SOURCE MATERIAL
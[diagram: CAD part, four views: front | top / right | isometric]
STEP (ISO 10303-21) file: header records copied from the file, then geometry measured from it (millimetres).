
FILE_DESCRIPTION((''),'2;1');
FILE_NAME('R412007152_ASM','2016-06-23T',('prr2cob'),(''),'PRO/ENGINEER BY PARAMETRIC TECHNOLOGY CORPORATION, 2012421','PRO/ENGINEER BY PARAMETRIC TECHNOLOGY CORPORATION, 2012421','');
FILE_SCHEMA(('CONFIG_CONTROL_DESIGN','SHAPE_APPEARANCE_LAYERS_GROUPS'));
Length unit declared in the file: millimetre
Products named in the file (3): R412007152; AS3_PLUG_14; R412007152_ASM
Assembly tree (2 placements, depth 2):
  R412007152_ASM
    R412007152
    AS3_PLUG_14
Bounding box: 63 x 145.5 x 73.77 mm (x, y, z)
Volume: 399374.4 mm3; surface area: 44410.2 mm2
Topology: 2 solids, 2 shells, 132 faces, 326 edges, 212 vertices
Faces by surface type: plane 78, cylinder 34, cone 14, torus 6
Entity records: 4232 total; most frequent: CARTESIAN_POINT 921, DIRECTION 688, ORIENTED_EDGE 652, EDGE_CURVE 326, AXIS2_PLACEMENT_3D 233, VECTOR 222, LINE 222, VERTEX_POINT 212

WORK REQUEST
In full and without alteration, return the listing above.

WRITTEN SOLUTION
[diagram: CAD part, four views: front | top / right | isometric]
STEP (ISO 10303-21) file: header records copied from the file, then geometry measured from it (millimetres).
FILE_DESCRIPTION((''),'2;1');
FILE_NAME('R412007152_ASM','2016-06-23T',('prr2cob'),(''),'PRO/ENGINEER BY PARAMETRIC TECHNOLOGY CORPORATION, 2012421','PRO/ENGINEER BY PARAMETRIC TECHNOLOGY CORPORATION, 2012421','');
FILE_SCHEMA(('CONFIG_CONTROL_DESIGN','SHAPE_APPEARANCE_LAYERS_GROUPS'));
Length unit declared in the file: millimetre
Products named in the file (3): R412007152; AS3_PLUG_14; R412007152_ASM
Assembly tree (2 placements, depth 2):
  R412007152_ASM
    R412007152
    AS3_PLUG_14
Bounding box: 63 x 145.5 x 73.77 mm (x, y, z)
Volume: 399374.4 mm3; surface area: 44410.2 mm2
Topology: 2 solids, 2 shells, 132 faces, 326 edges, 212 vertices
Faces by surface type: plane 78, cylinder 34, cone 14, torus 6
Entity records: 4232 total; most frequent: CARTESIAN_POINT 921, DIRECTION 688, ORIENTED_EDGE 652, EDGE_CURVE 326, AXIS2_PLACEMENT_3D 233, VECTOR 222, LINE 222, VERTEX_POINT 212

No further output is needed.